Yes but I used delay. So let's say you calculate the delay and you get a value of 300ms. The calculation took 10ms. Then the arduino is going to calculate for 10ms. Then wait for 300ms. Then move the stepper motor. Then repeat. The delay will be 310ms instead of 300 no?

But another user already suggested "non blocking code" I think that solves the issue entirely no?

The Arduino Serial.println() does not print such a small number.
I have changed my sketch to print it in scientific notation.
So which one is it ?

const float w1 = 2*PI/(23+56/60)/3600;
const float w2 = 2.0 * PI / ((23.0 + (56.0/60.0)) / 3600);
const float w3 = 2.0 * M_PI / ((23.0 + (56.0/60.0)) * 3600);
const float w4 = 2.0 * M_PI / (23.0 + (56.0/60.0)) * 3600;

char buffer[40];

void setup()
{
  Serial.begin( 9600);
  dtostre( w1, buffer, 8, 0);   Serial.println( buffer);
  dtostre( w2, buffer, 8, 0);   Serial.println( buffer);
  dtostre( w3, buffer, 8, 0);   Serial.println( buffer);
  dtostre( w4, buffer, 8, 0);   Serial.println( buffer);
}

void loop()
{
}

The result is:

7.5883880e-05
9.4510315e+02
7.2924624e-05
9.4510315e+02

I suppose that it is w1 or w3, but perhaps it is something else
When a line of code is a too long and not clear, then you can split it into multiple lines. You should tell the compiler which part should be calculated with integers and which part with float.

You wanted to reduce the calculation time of 350 µs to be able to use a very specific delay and keep those delays as accurate as possible. I think that is called a XY-problem: http://xyproblem.info/

With millis() all your problems are gone.
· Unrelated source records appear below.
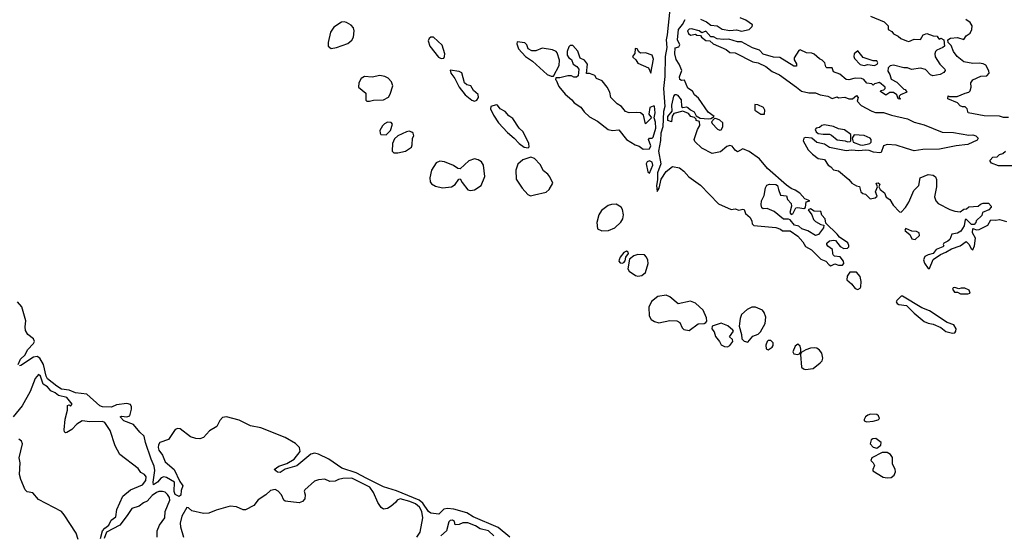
# Model space of a CAD drawing. Extents: x 2386423 to 2568864, y 578392 to 761999.
# Tile 387 of 454: x 2535117 to 2542822, y 670107 to 674133. Entities that reach past the tile are written whole.
import ezdxf

# ---------------------------------------------------------------- set-up
doc = ezdxf.new("R2010")
doc.units = 0

msp = doc.modelspace()

# ---------------------------------------------------------------- linework, layer by layer
at = {"layer": '0CON05XD'}
for points in [[(2540204.5, 674214.5), (2540184.8, 674015), (2540175.2, 673975), (2540181.6, 673915), (2540169, 673845), (2540165, 673687.5), (2540154.8, 673595), (2540165.6, 673455), (2540154.6, 673415), (2540150.6, 673295), (2540135, 673246.2), (2540132.5, 673187.5), (2540114.7, 673105), (2540134.6, 673005), (2540108.9, 672935), (2540108.9, 672881.1), (2540099.6, 672835), (2540105, 672790), (2540120, 672815), (2540137.7, 672885), (2540175, 672946), (2540225, 672983.3), (2540280, 672975), (2540315, 672946.7), (2540353.6, 672903.6), (2540445, 672837.5), (2540585, 672692.5), (2540685, 672647.5), (2540715, 672652.5), (2540745, 672643.3), (2540775, 672650), (2540785, 672646.7), (2540797.5, 672617.5), (2540832.5, 672585), (2540846.4, 672556.4), (2540847.5, 672535), (2540861.7, 672521.7), (2541035, 672507.5), (2541070, 672495), (2541085, 672480), (2541145, 672480), (2541205, 672440), (2541243.8, 672395), (2541265, 672358), (2541312.9, 672332.9), (2541385, 672260), (2541423.8, 672243.8), (2541450, 672215), (2541465, 672207.5), (2541495, 672222.5), (2541525, 672212.5), (2541555, 672212.5), (2541566.7, 672225), (2541563.8, 672245), (2541538.3, 672278.3), (2541494.1, 672284.1), (2541482.9, 672292.9), (2541480, 672305), (2541476.1, 672336.1), (2541440.7, 672360.7), (2541432.5, 672375), (2541432.5, 672385), (2541455, 672403.3), (2541485, 672408.8), (2541500, 672405), (2541538.3, 672358.3), (2541565, 672344), (2541595, 672346), (2541604, 672355), (2541605, 672367.5), (2541596.3, 672386.3), (2541532.1, 672432.1), (2541515, 672455.8), (2541425, 672540), (2541420, 672575), (2541394, 672604), (2541385, 672633.3), (2541334.2, 672634.2), (2541305, 672652.5), (2541287.5, 672645), (2541315.7, 672605.7), (2541329.5, 672569.5), (2541343.3, 672555), (2541385, 672531.2), (2541410, 672525), (2541408, 672505), (2541366.5, 672453.5), (2541345, 672445.7), (2541285, 672480.8), (2541237.9, 672497.9), (2541215, 672516.7), (2541180, 672525), (2541145, 672567.5), (2541133, 672573), (2541093, 672573), (2541021.3, 672631.3), (2540965, 672655.8), (2540935, 672653.8), (2540925, 672660), (2540918.9, 672685), (2540920.9, 672715), (2540943.5, 672756.5), (2540952.4, 672817.6), (2540962.9, 672837.1), (2540985, 672845.4), (2541035, 672842.5), (2541046, 672835), (2541053.4, 672803.4), (2541070.3, 672760.3), (2541116, 672756), (2541126.2, 672725), (2541154, 672695), (2541156.7, 672675), (2541143.3, 672625), (2541155, 672610), (2541167.5, 672615), (2541189.3, 672660.7), (2541205, 672663.8), (2541253.6, 672656.4), (2541266.7, 672663.3), (2541271.7, 672708.3), (2541300, 672715), (2541261.7, 672731.7), (2541222.5, 672775), (2541185, 672800), (2541155, 672811.2), (2541118.3, 672838.3), (2540968.3, 672968.3), (2540906.7, 673045), (2540825, 673102.5), (2540775, 673122.5), (2540735, 673100), (2540715, 673112.5), (2540692.3, 673142.3), (2540675, 673148.8), (2540649.5, 673140.5), (2540600.3, 673099.7), (2540535, 673085.8), (2540455, 673127.5), (2540400.6, 673180.6), (2540394.1, 673195.9), (2540420, 673275), (2540440, 673305), (2540437, 673337), (2540410, 673345), (2540410, 673355), (2540398.3, 673368.3), (2540370, 673375), (2540350, 673400), (2540306.2, 673416.2), (2540235, 673400), (2540223, 673377), (2540217.5, 673335), (2540190, 673345), (2540187.5, 673375), (2540222.5, 673417.5), (2540218.8, 673465), (2540234.5, 673535.5), (2540245, 673548.8), (2540255, 673548), (2540265, 673543.3), (2540293.3, 673505), (2540295, 673452.5), (2540306.4, 673446.4), (2540335, 673451.2), (2540345, 673446.7), (2540365, 673427.5), (2540395, 673412.5), (2540411.7, 673381.7), (2540441.7, 673361.7), (2540505, 673357.5), (2540525, 673360), (2540550, 673375), (2540505, 673410), (2540430, 673520), (2540397.5, 673545), (2540383, 673573), (2540345, 673597.5), (2540320, 673660), (2540295, 673656.7), (2540283.3, 673665), (2540280, 673685), (2540297.5, 673735), (2540278, 673785), (2540255, 673820.8), (2540244.2, 673865.8), (2540246.2, 673913.8), (2540275, 673921.8), (2540282, 673935), (2540263.3, 673975), (2540272.7, 674055), (2540303.8, 674095), (2540323.3, 674135)], [(2540445, 674136.2), (2540492.5, 674115), (2540525, 674088.8), (2540575.8, 674085.8), (2540615, 674058.8), (2540675, 674048), (2540725, 674053.3), (2540765, 674042), (2540825, 674056.7), (2540849.3, 674080.7), (2540851.7, 674091.7), (2540798.3, 674128.3), (2540755, 674147.5)], [(2541775, 674161.2), (2541882.5, 674115), (2541913.3, 674085), (2541912.5, 674055), (2541940.7, 674040.7), (2541955, 674022.5), (2541990, 674005), (2542012.5, 673985), (2542055, 673967.5), (2542075, 673962.5), (2542115, 673981.2), (2542165, 673977.5), (2542186.1, 674013.9), (2542214.2, 674025.8), (2542265, 674007.5), (2542300, 674005), (2542300, 673995), (2542311.7, 673981.7), (2542325, 673987.5), (2542347.5, 673975), (2542353, 673927), (2542340, 673915)], [(2542855, 673367.5), (2542815, 673367.5), (2542785, 673377.5), (2542665, 673381.2), (2542540, 673405), (2542530, 673435), (2542515, 673450), (2542495, 673450), (2542475, 673460), (2542455, 673482.5), (2542380, 673515), (2542382.5, 673537.5), (2542392.5, 673532.5), (2542453, 673533), (2542515, 673557.5), (2542543.6, 673566.4), (2542553.6, 673576.4), (2542563.3, 673605), (2542560.7, 673639.3), (2542575, 673662.5), (2542638.3, 673691.7), (2542686.1, 673693.9), (2542702.5, 673715), (2542701.7, 673731.7), (2542676.4, 673776.4), (2542657, 673787), (2542625, 673793.3), (2542575, 673790), (2542503.9, 673803.9), (2542453.3, 673845), (2542423.9, 673883.9), (2542405, 673930), (2542382.5, 673955), (2542380, 673975), (2542400.7, 673989.3), (2542455, 673993.3), (2542505, 673976.7), (2542523.6, 674006.4), (2542553.3, 674026.7), (2542566.7, 674055), (2542570, 674085), (2542555, 674110), (2542520, 674135)], [(2537555, 673908), (2537595, 673914.2), (2537685, 673947.1), (2537715, 673972), (2537729.4, 673995), (2537733.5, 674045), (2537729.1, 674069.1), (2537710.3, 674090.3), (2537675, 674110.6), (2537655, 674116.9), (2537635, 674114.4), (2537576, 674075), (2537550, 674035), (2537532, 673955), (2537532, 673925), (2537555, 673908)], [(2542340, 673915), (2542292.5, 673895), (2542282.5, 673885), (2542276.7, 673865), (2542281.2, 673841.2), (2542317.5, 673785), (2542357.5, 673745), (2542360, 673735), (2542349.3, 673720.7), (2542320, 673705), (2542263.6, 673693.6), (2542245, 673702.5), (2542205, 673743.3), (2542165, 673752.5), (2542095, 673743.8), (2542065, 673756.2), (2542035, 673756.2), (2541955, 673776.7), (2541929.3, 673770.7), (2541912.5, 673755), (2541910.7, 673730.7), (2541926.7, 673705), (2541937, 673667), (2541980, 673645), (2542035, 673590), (2542045, 673587.5), (2542060, 673565), (2542010, 673545), (2542000, 673535), (2542000, 673525), (2542010, 673515), (2542005, 673510), (2541990, 673515), (2541980, 673545), (2541955, 673562.5), (2541925, 673562.5), (2541895, 673543.3), (2541851.7, 673571.7), (2541855, 673580), (2541880, 673585), (2541890, 673595), (2541890, 673605), (2541845, 673642.5), (2541805, 673630), (2541795, 673620), (2541785, 673630), (2541745, 673637.5), (2541722.5, 673665), (2541705, 673672.5), (2541655, 673676.7), (2541605, 673663.3), (2541585, 673666.2), (2541535, 673706.7), (2541486.1, 673726.1), (2541475, 673757.5), (2541432.5, 673755), (2541423.8, 673765), (2541417.5, 673795), (2541396.4, 673816.4), (2541375, 673827.5), (2541335, 673863.3), (2541315, 673871.2), (2541273.9, 673873.9), (2541225, 673896.7), (2541215, 673892.5), (2541177.5, 673835), (2541178.3, 673818.3), (2541196.7, 673786.7), (2541195, 673770), (2541175, 673770), (2541065, 673836.2), (2541015, 673840.8), (2540935, 673862), (2540905, 673893.8), (2540852.3, 673912.3), (2540765, 673960), (2540735, 673960), (2540665, 673980), (2540625, 673976.7), (2540573.6, 673983.6), (2540545, 673997.5), (2540525, 674000), (2540485, 674042.5), (2540455, 674030), (2540435, 674046.7), (2540375, 674061.2), (2540355, 674058.8), (2540343.3, 674045), (2540350, 674025), (2540365, 674011.2), (2540405, 674020), (2540415, 674012.5), (2540445, 674010), (2540452.5, 673995), (2540485, 673970), (2540517.5, 673967.5), (2540542.5, 673945), (2540645, 673898.8), (2540675, 673876.2), (2540715, 673872.5), (2540855, 673804), (2540895, 673796), (2540955, 673765.8), (2541005, 673728), (2541062.3, 673702.3), (2541194.3, 673604.3), (2541235, 673574), (2541291.7, 673561.7), (2541345, 673560), (2541380, 673545), (2541440, 673535), (2541475, 673517.5), (2541515, 673530), (2541525, 673522.5), (2541575, 673526.7), (2541605, 673512.5), (2541635, 673512.5), (2541665, 673540), (2541677.5, 673525), (2541670, 673495), (2541701.7, 673461.7), (2541785, 673416.7), (2541815, 673406.7), (2541875, 673407.5), (2541940, 673385), (2542065, 673358), (2542115, 673331.2), (2542195, 673310), (2542335, 673253.1), (2542425, 673250.8), (2542545, 673228.8), (2542575, 673231.2), (2542600, 673225), (2542617, 673207), (2542609.3, 673190.7), (2542535, 673156.7), (2542443.9, 673146.1), (2542315, 673118.8), (2542185, 673116.2), (2542115, 673106.7), (2542055.7, 673125.7), (2541975, 673150), (2541905, 673156.2), (2541877.5, 673145), (2541857.5, 673095), (2541848.3, 673091.7), (2541797, 673097), (2541765, 673110), (2541735, 673113.3), (2541683.6, 673106.4), (2541625, 673111.2), (2541585, 673105.8), (2541455, 673133.3), (2541415, 673158.8), (2541355, 673173.3), (2541315, 673206.7), (2541265, 673211.2), (2541253.8, 673205), (2541246.7, 673185), (2541287.5, 673115), (2541320.5, 673080.5), (2541365, 673047.5), (2541415, 673040), (2541442.5, 672995), (2541465, 672982.5), (2541485, 672957.5), (2541525, 672950), (2541605, 672882.5), (2541627.5, 672855), (2541665, 672832.5), (2541688.3, 672828.3), (2541700, 672785), (2541713.3, 672773.3), (2541735, 672767.5), (2541771.7, 672731.7), (2541811.7, 672738.3), (2541827, 672753), (2541812.5, 672785), (2541830, 672825), (2541820, 672855), (2541835, 672856.7), (2541846.7, 672845), (2541840, 672825), (2541850, 672805), (2541885, 672777.5), (2541897.5, 672745), (2541925, 672727.5), (2541951.2, 672681.2), (2542000.7, 672630.7), (2542015, 672627.5), (2542047.3, 672662.7), (2542074.6, 672705), (2542113.9, 672796.1), (2542152.9, 672835), (2542162.9, 672895), (2542225, 672922.2), (2542265.4, 672915.4), (2542282.3, 672902.3), (2542292.3, 672882.3), (2542291.5, 672825), (2542276.4, 672746.4), (2542284.6, 672715), (2542305, 672695.5), (2542395, 672647.1), (2542435, 672633.8), (2542475, 672630), (2542505, 672650), (2542527, 672653), (2542545, 672670), (2542617, 672673), (2542635, 672690), (2542655, 672697.5), (2542697, 672697), (2542720, 672675), (2542720, 672665), (2542700, 672645), (2542650, 672625), (2542645, 672600), (2542601.7, 672558.3), (2542600, 672545), (2542585, 672530), (2542565, 672530), (2542525, 672570), (2542515, 672570), (2542508.7, 672521.3), (2542481.3, 672478.7), (2542455, 672463.3), (2542410, 672455), (2542395.7, 672414.3), (2542380, 672400), (2542347.5, 672385), (2542342.5, 672375), (2542347.5, 672365), (2542340, 672355), (2542287.5, 672335), (2542266.1, 672303.9), (2542225, 672294.3), (2542200.8, 672279.2), (2542188.4, 672255), (2542197, 672227), (2542225, 672187.5), (2542235, 672187.5), (2542265, 672256.7), (2542322.9, 672297.1), (2542365, 672313.3), (2542408.9, 672341.1), (2542475.6, 672364.4), (2542523, 672397), (2542545, 672377.5), (2542561.7, 672341.7), (2542575, 672332.5), (2542587.5, 672365), (2542595.7, 672425), (2542573.3, 672465), (2542575, 672500), (2542605, 672490), (2542625, 672492.5), (2542692.5, 672525), (2542715, 672566.2), (2542755, 672563.3), (2542785, 672570.6), (2542840, 672555)], [(2538415, 673828.1), (2538435, 673832.5), (2538442.5, 673845), (2538442.9, 673865), (2538424.2, 673934.2), (2538355, 673996.2), (2538335, 673996.2), (2538321.2, 673985), (2538312.9, 673967.1), (2538327.5, 673925), (2538395, 673840), (2538415, 673828.1)], [(2539295, 673690), (2539338.8, 673775), (2539341.2, 673815), (2539323.9, 673873.9), (2539315, 673883.3), (2539285, 673898), (2539205, 673908.8), (2539155, 673888.8), (2539125, 673890), (2539096.7, 673905), (2539086.1, 673936.1), (2539070.7, 673950.7), (2539010, 673960), (2539006.7, 673945), (2539020, 673905), (2539076.2, 673845), (2539129.3, 673809.3), (2539245, 673704), (2539275, 673690), (2539295, 673690)], [(2539995, 673120), (2540045, 673123.3), (2540054.6, 673145), (2540037.1, 673195), (2540044.8, 673205.2), (2540065, 673207.2), (2540075.2, 673214.8), (2540093.8, 673285), (2540092.3, 673332.3), (2540082, 673365), (2540088.9, 673405), (2540085, 673455.6), (2540072.7, 673457.3), (2540046.7, 673445), (2540041.2, 673395), (2540060, 673365), (2540015, 673317.5), (2539997.5, 673385), (2539975, 673403.3), (2539945, 673407.5), (2539885, 673403.8), (2539857.5, 673415), (2539827.5, 673455), (2539792.5, 673475), (2539743.9, 673523.9), (2539733.8, 673565), (2539714.2, 673605), (2539674.2, 673654.2), (2539631.7, 673671.7), (2539617.5, 673695), (2539605, 673702.5), (2539575, 673712.5), (2539551.7, 673711.7), (2539560, 673785), (2539537.5, 673815), (2539502.9, 673832.9), (2539485.7, 673885.7), (2539445, 673930), (2539425, 673930), (2539415, 673920), (2539400, 673885), (2539401.4, 673855), (2539413.3, 673835), (2539435, 673822.5), (2539447.5, 673785), (2539475.9, 673765.9), (2539492.5, 673745), (2539487, 673693), (2539475, 673682.5), (2539453.6, 673683.6), (2539435, 673692.5), (2539405, 673692.5), (2539343, 673677), (2539312.5, 673677.5), (2539310, 673665), (2539315, 673660), (2539335, 673610), (2539385, 673550), (2539436.4, 673506.4), (2539455, 673481.2), (2539509.3, 673449.3), (2539535, 673412.5), (2539575, 673373.3), (2539639.2, 673339.2), (2539722.5, 673275), (2539755, 673266.7), (2539805, 673270), (2539865, 673196.7), (2539932.5, 673155), (2539965, 673143.8), (2539995, 673120)], [(2540055, 673713.3), (2540075.7, 673825), (2540065.8, 673855.8), (2540015, 673873.3), (2539975, 673870), (2539961.7, 673881.7), (2539950, 673905), (2539933.3, 673906.7), (2539931.7, 673868.3), (2539912.5, 673845), (2539915, 673840), (2539939.3, 673819.3), (2539955, 673792.5), (2540036.7, 673756.7), (2540055, 673713.3)], [(2541805, 673773.3), (2541827.5, 673785), (2541832.5, 673795), (2541825, 673810), (2541795, 673810), (2541716.4, 673836.4), (2541675, 673890), (2541647.5, 673865), (2541643.3, 673845), (2541649.3, 673829.3), (2541695, 673783.3), (2541725, 673773.3), (2541755, 673782.5), (2541805, 673773.3)], [(2537834.2, 673494.2), (2537855, 673494.4), (2537885, 673502.9), (2537965, 673505.7), (2538002, 673528), (2538015, 673550), (2538035.7, 673615), (2538025.5, 673645.5), (2538000, 673675), (2537975, 673689.4), (2537935, 673696.4), (2537875, 673684.2), (2537815, 673688.6), (2537788.3, 673671.7), (2537770, 673640), (2537769.2, 673605), (2537825, 673557.5), (2537825, 673502.5), (2537834.2, 673494.2)], [(2538675, 673496.7), (2538695, 673502.5), (2538707.5, 673525), (2538705, 673547.5), (2538668.3, 673578.3), (2538646.2, 673615), (2538615, 673623.3), (2538598.8, 673638.8), (2538576.4, 673716.4), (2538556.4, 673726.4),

My millis_clock.ino is an example of a clock that is just as accurate as the 16MHz crystal or resonator of the Arduino board.
The interval does not have to be 1 second, you can change the interval each time to a new value.
I suggest to use a board with a crystal for good accuracy. The Arduino Leonardo uses a crystal and some Arduino Uno clones have a crystal.

zwettekop:
Yes but I used delay. So let's say you calculate the delay and you get a value of 300ms. The calculation took 10ms. Then the arduino is going to calculate for 10ms. Then wait for 300ms. Then move the stepper motor. Then repeat. The delay will be 310ms instead of 300 no?

So, don't use delay(). Use the BlinkWithoutDelay example as an example.

Note that 'delay()' and 'millis()' work in integer milliseconds so your floating-point values with 14 places after the decimal point are:
(1) Going to be stored as 'float' with 6 or 7 total decimal places (three to four after the decimal point)
and
(2) Going to get truncated to integer when you use them for delay().

You might be better served using integer microseconds rather than truncating fractional milliseconds to integer milliseconds.

Note: A sidereal day is 86164.0905 seconds.

johnwasser:
A sidereal day is 86164.0905 seconds.

Thank you. It seems that there is also a Wikipedia page for it: Sidereal time - Wikipedia.

The right way to do it would be this then ?

const float siderealDay = 86164.0905;
const float w5 = 2.0 * M_PI / siderealDay;

char buffer[40];

void setup()
{
  Serial.begin( 9600);
  dtostre( w5, buffer, 10, 0);   Serial.println( buffer);
}

void loop()
{
}

Result: 7.2921161e-05

johnwasser:
So, don't use delay(). Use the BlinkWithoutDelay example as an example.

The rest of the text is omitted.